Pulmonary Blood Flow

Question 1

Overview of blood flow to the lungs

Answer 1

Same volume pumped, but decreased pressure due to lower resistance.

Question 2

Alveolar capillaries

Answer 2

Receive blood from RV.
Blood has low O2/high CO2.
Involved in exchange of O2 and CO2 between blood and air.
Appears like a sheet of capillaries.

Question 3

Extra-alveolar capillaries

Answer 3

Receive blood from LV.
High O2/low CO2.
Deliver O2 and CO2 to the tissue of the lungs.
Returns to the heart via PVs.
Contains venous admixture.

Question 4

Venous admixture

Answer 4

Result of mixing of shunted non-reoxygenated blood with reoxygenated. Reduces PaO2 of arterial blood and increases PaCO2 to a small degree.

Question 5

Pulmonary vascular resistance equation

Answer 5

PBP = CO x PVR

Question 6

Pulmonary vascular resistance is determined by (4):

Answer 6

High number of capillaries.
Number of available capillaries at a given point in time.
Sympathetic ton/vasoconstricting forces.
Lung volume.

Question 7

During exercise PVR:

Answer 7

Drops as more pulmonary capillaries open up to accomodate the increased CO.

Question 8

At low or very high lung volumes, resistance:

Answer 8

Increases a little because stretch of this tissue compresses the capillaries.

Question 9

Compare and contrast PVR w/ SR
Normal value
BP
Blood volume

Answer 9

PVR:
Low normal value
Low BP
5 L/min blood volume 
SR:
Moderate normal value
Higher BP
5 L/min

Question 10

Zones of the lungs

Answer 10

Zone 1 - apex
Zone 2 - mid lung
Zone 3 - base

Question 11

Zone 1

Answer 11

BP is reduced because it is slightly above the heart.
Alveoli are somewhat expanded.
Blood flow is less.

Question 12

Zone 2

Answer 12

BP is a little higher due to being at level of heart.
Alveoli are average size.
Blood flow is normal.

Question 13

Zone 3

Answer 13

BP is high due to being below the heart.
Alveoli are smaller.
Blood flow is greater than in other regions of the lung.

Question 14

NO modulation of pulmonary blood flow

Answer 14

Made by epithelium.
Causes smooth muscle relaxation and vasodilation.
Significant role in normal pulmonary blood flow.

Question 15

Endothelin 1 modulation of pulmonary blood flow

Answer 15

Made in lungs.
Vasoconstrictor.
A player in pathologic conditions - not under normal physiology.

Question 16

Thromboxane A2

Answer 16

Essentially the same as Endothelin 1.

Question 17

Starling forces control what?

Answer 17

How much fluid moves from capillary to the lung.

Question 18

Hydrostatic pressure in the lungs

Answer 18

Fluid pushing against tissue/capillary walls.

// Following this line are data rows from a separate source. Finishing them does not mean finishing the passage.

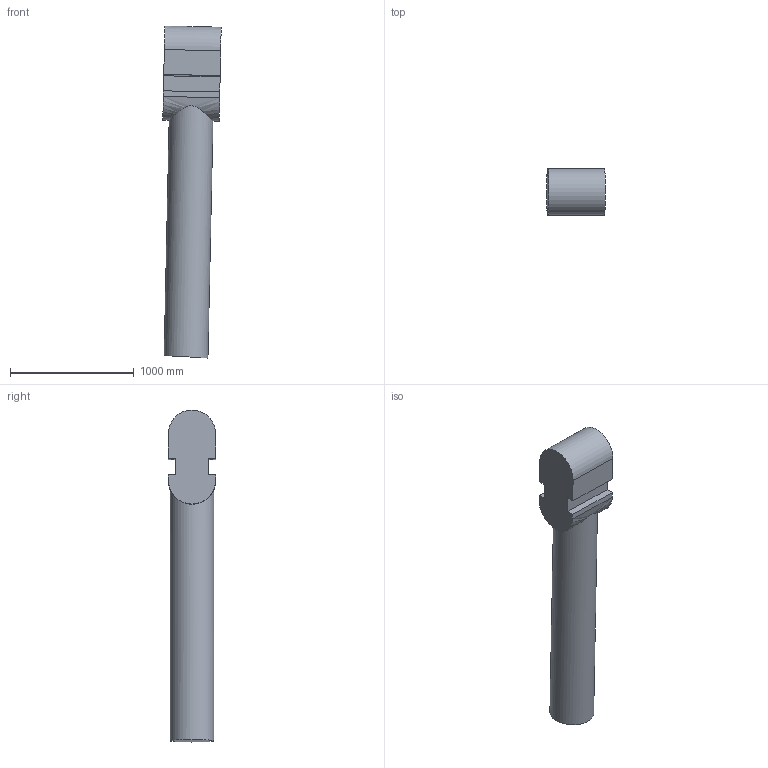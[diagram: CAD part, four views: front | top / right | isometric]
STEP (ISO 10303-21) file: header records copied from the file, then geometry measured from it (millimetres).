
FILE_DESCRIPTION(/* description */ (''),/* implementation_level */ '2;1');
FILE_NAME(/* name */ '14x22_mast_in_tunnel_1deg_mod.stp',/* time_stamp */ '2022-08-22T14:20:37-04:00',/* author */ (''),/* organization */ (''),/* preprocessor_version */ 'ST-DEVELOPER v16',/* originating_system */ 'SIEMENS PLM Software NX 10.0',/* authorisation */ '');
FILE_SCHEMA (('AP203_CONFIGURATION_CONTROLLED_3D_DESIGN_OF_MECHANICAL_PARTS_AND_ASSEMBLIES_MIM_LF { 1 0 10303 403 2 1 2}'));
Length unit declared in the file: millimetre
Products named in the file (1): sbry4E4082DFvl3m
Bounding box: 471.54 x 380.63 x 2680.78 mm (x, y, z)
Volume: 300885113.2 mm3; surface area: 3640704.2 mm2
Topology: 1 solids, 1 shells, 18 faces, 46 edges, 31 vertices
Faces by surface type: plane 12, cylinder 3, bspline 3
Full cylindrical faces by diameter (mm): 354.33 x1
Entity records: 888 total; most frequent: CARTESIAN_POINT 372, ORIENTED_EDGE 88, DIRECTION 82, EDGE_CURVE 44, LINE 34, VECTOR 34, VERTEX_POINT 30, AXIS2_PLACEMENT_3D 24

Exists in the capillary (Pc) and tissue (Pt).

Question 19

Pc

Answer 19

BP in the capillary that wants to push fluid into the alveoli.

Question 20

Pt

Answer 20

In the rest of the body, this pushes fluid into the capillary.

Question 21

Oncotic pressure in the lungs

Answer 21

Osmotic pressure of fluids involved.

Exists in plasma (PIc) and tissues (PIt).

Question 22

Plasma oncotic pressure

Answer 22

Tries to pull water into the capillary.

Question 23

Tissue oncotic pressure

Answer 23

Tries to pull water into the alveolus.

Question 24

Forces wanting to move water from capillary to alveolus (3)

Answer 24

Pc - hydrostatic pressure in capillary
PIt - oncotic pressure in tissues
Pt - hydrostatic pressure in tissues

Question 25

Forces wanting to move water from alveolus to capillary (1)

Answer 25

PIc - oncotic pressure in capillary

Question 26

Largest Starling Force in the lung

Answer 26

Pc

Question 27

Net result of Starling forces

Answer 27

Favors filtration of fluid into the alveoli.

This is bad for gas exchange.

Question 28

How does the body correct for net filtration into the alveoli?

Answer 28

The lymphatic system.

Question 29

Regional blood flow in the lung is determined by:

Answer 29

Gravity and amount of air in the region of the lung.

Question 30

Renin origin an function

Answer 30

Kidney.
Converts angiotensin (from liver) to angiotensin 1.

Question 31

ACE origin and function

Answer 31

Lungs.
Converts angiotensin 1 to angiotensin 2.
Activates bradykinin (another vasodilator).

Question 32

Why do people on ACE inhibitors commonly develop a cough?

Answer 32

Inhibits bradykinin which can build up in lungs and cause a cough.

Question 33

O2 modulation of pulmonary blood flow

Answer 33

A decrease in oxygen causes hypoxic vasoconstriction which increases PVR.